| INSTRUCTIONS FOR THE TASK |
Go through the records and give each one again exactly, omitting the images.

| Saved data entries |
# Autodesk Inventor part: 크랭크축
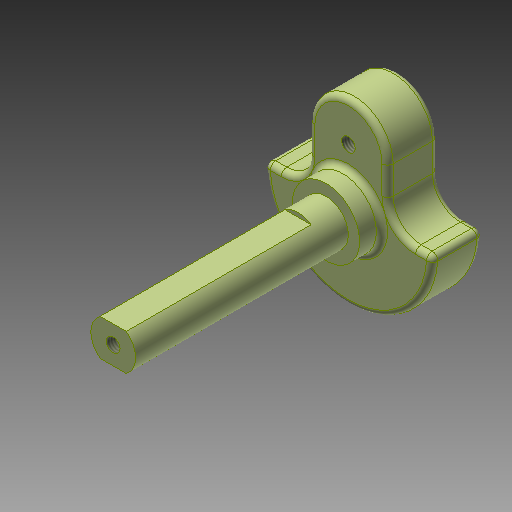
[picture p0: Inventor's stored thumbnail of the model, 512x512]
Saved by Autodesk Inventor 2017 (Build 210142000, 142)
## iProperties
Created: 2018-01
Part Number: 크랭크축
Material: 강철, 탄소
Document SubType Name: Modeling
Designer: mduedu
Density: 7.87 g/cm^3
Mass: 57.3413 g
Surface Area: 32.1344 cm^2
Volume: 7.28606 cm^3
Appearance: 아연 크롬산색 2
Author: mduedu
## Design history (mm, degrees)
sketch "스케치1"
  geometry: L1 (-15, 0)-(15, 0); L2 (-7, 0)-(7, 0); L3 (7, 0)-(7, 10); L4 (-7, 10)-(-7, 0); A1 r 15 centre (0, 0) between (-15, 0) and (15, 0); A2 r 7 centre (0, 10) between (7, 10) and (-7, 10); 3 further points
  constraints: 8 end point, 4 point on circle, 3 coincident, 2 centre point, 2 horizontal, 2 midpoint, 2 tangent, 1 parallel, 1 perpendicular, 1 point on line
  dimensions: "d0" = 30 diameter of A1; "d1" = 17 dimension on A2 L1; "d2" = 7 radius of A2
extrude "돌출1" new body sketch "스케치1" distance "d4" = 9; taper "d5" = 0 deg
sketch "스케치2"
  geometry: C1 r 6 at (0, 0); 1 further point
  constraints: 1 centre point, 1 coincident
  dimensions: "d6" = 12 diameter of C1
extrude "돌출2" join sketch "스케치2" distance "d7" = 4; taper "d8" = 0 deg
sketch "스케치3"
  geometry: C1 r 4 at (0, 0); 1 further point
  constraints: 1 centre point, 1 coincident
  dimensions: "d9" = 8 diameter of C1
extrude "돌출3" join sketch "스케치3" distance "d10" = 38; taper "d11" = 0 deg
sketch "스케치4"
  geometry: L1 (-2.332, 3.25)-(2.332, 3.25); L2 (-2.332, -3.25)-(2.332, -3.25); A1 r 4 centre (0, 0) between (-2.332, 3.25) and (2.332, 3.25) reference; A2 r 4 centre (0, 0) between (2.332, 3.25) and (-2.332, 3.25); A3 r 4 centre (0, 0) between (-2.332, -3.25) and (2.332, -3.25); 1 further point
  constraints: 8 point on circle, 4 end point, 2 centre point, 2 coincident, 2 parallel, 1 horizontal
  dimensions: "d12" = 6.5 distance between parallel lines of L2 L1
extrude "돌출4" cut sketch "스케치4" distance "d13" = 33; taper "d14" = 0 deg
fillet "모깎기1" dims "d15" = 5
fillet "모깎기2" dims "d16" = 1
fillet "모깎기3" dims "d17" = 1
fillet "모깎기4" dims "d18" = 1
sketch "스케치5"
  geometry: 1 further point
  constraints: 1 other
hole "구멍1" sketch "스케치5" at (0, 10) diameter "d19" = 2.459; stored, may be unused: countersink angle "d23" = 90 deg, drill point angle "d25" = 120 deg; dims "d20" = 10, "d21" = 4, "d22" = 2, "d24" = 11.5
sketch "스케치6"
  geometry: 1 further point
  constraints: 1 other
hole "구멍2" sketch "스케치6" at (0, 0) diameter "d26" = 2.459; stored, may be unused: countersink angle "d30" = 90 deg, drill point angle "d32" = 120 deg; dims "d27" = 12.7, "d28" = 4, "d29" = 2, "d31" = 14.2
node "솔리드1"
node "투영된 루프1"

| EXERCISE RESULT |
# Autodesk Inventor part: 크랭크축
[picture p0: Inventor's stored thumbnail of the model, 512x512]
Saved by Autodesk Inventor 2017 (Build 210142000, 142)
## iProperties
Created: 2018-01
Part Number: 크랭크축
Material: 강철, 탄소
Document SubType Name: Modeling
Designer: mduedu
Density: 7.87 g/cm^3
Mass: 57.3413 g
Surface Area: 32.1344 cm^2
Volume: 7.28606 cm^3
Appearance: 아연 크롬산색 2
Author: mduedu
## Design history (mm, degrees)
sketch "스케치1"
  geometry: L1 (-15, 0)-(15, 0); L2 (-7, 0)-(7, 0); L3 (7, 0)-(7, 10); L4 (-7, 10)-(-7, 0); A1 r 15 centre (0, 0) between (-15, 0) and (15, 0); A2 r 7 centre (0, 10) between (7, 10) and (-7, 10); 3 further points
  constraints: 8 end point, 4 point on circle, 3 coincident, 2 centre point, 2 horizontal, 2 midpoint, 2 tangent, 1 parallel, 1 perpendicular, 1 point on line
  dimensions: "d0" = 30 diameter of A1; "d1" = 17 dimension on A2 L1; "d2" = 7 radius of A2
extrude "돌출1" new body sketch "스케치1" distance "d4" = 9; taper "d5" = 0 deg
sketch "스케치2"
  geometry: C1 r 6 at (0, 0); 1 further point
  constraints: 1 centre point, 1 coincident
  dimensions: "d6" = 12 diameter of C1
extrude "돌출2" join sketch "스케치2" distance "d7" = 4; taper "d8" = 0 deg
sketch "스케치3"
  geometry: C1 r 4 at (0, 0); 1 further point
  constraints: 1 centre point, 1 coincident
  dimensions: "d9" = 8 diameter of C1
extrude "돌출3" join sketch "스케치3" distance "d10" = 38; taper "d11" = 0 deg
sketch "스케치4"
  geometry: L1 (-2.332, 3.25)-(2.332, 3.25); L2 (-2.332, -3.25)-(2.332, -3.25); A1 r 4 centre (0, 0) between (-2.332, 3.25) and (2.332, 3.25) reference; A2 r 4 centre (0, 0) between (2.332, 3.25) and (-2.332, 3.25); A3 r 4 centre (0, 0) between (-2.332, -3.25) and (2.332, -3.25); 1 further point
  constraints: 8 point on circle, 4 end point, 2 centre point, 2 coincident, 2 parallel, 1 horizontal
  dimensions: "d12" = 6.5 distance between parallel lines of L2 L1
extrude "돌출4" cut sketch "스케치4" distance "d13" = 33; taper "d14" = 0 deg
fillet "모깎기1" dims "d15" = 5
fillet "모깎기2" dims "d16" = 1
fillet "모깎기3" dims "d17" = 1
fillet "모깎기4" dims "d18" = 1
sketch "스케치5"
  geometry: 1 further point
  constraints: 1 other
hole "구멍1" sketch "스케치5" at (0, 10) diameter "d19" = 2.459; stored, may be unused: countersink angle "d23" = 90 deg, drill point angle "d25" = 120 deg; dims "d20" = 10, "d21" = 4, "d22" = 2, "d24" = 11.5
sketch "스케치6"
  geometry: 1 further point
  constraints: 1 other
hole "구멍2" sketch "스케치6" at (0, 0) diameter "d26" = 2.459; stored, may be unused: countersink angle "d30" = 90 deg, drill point angle "d32" = 120 deg; dims "d27" = 12.7, "d28" = 4, "d29" = 2, "d31" = 14.2
node "솔리드1"
node "투영된 루프1"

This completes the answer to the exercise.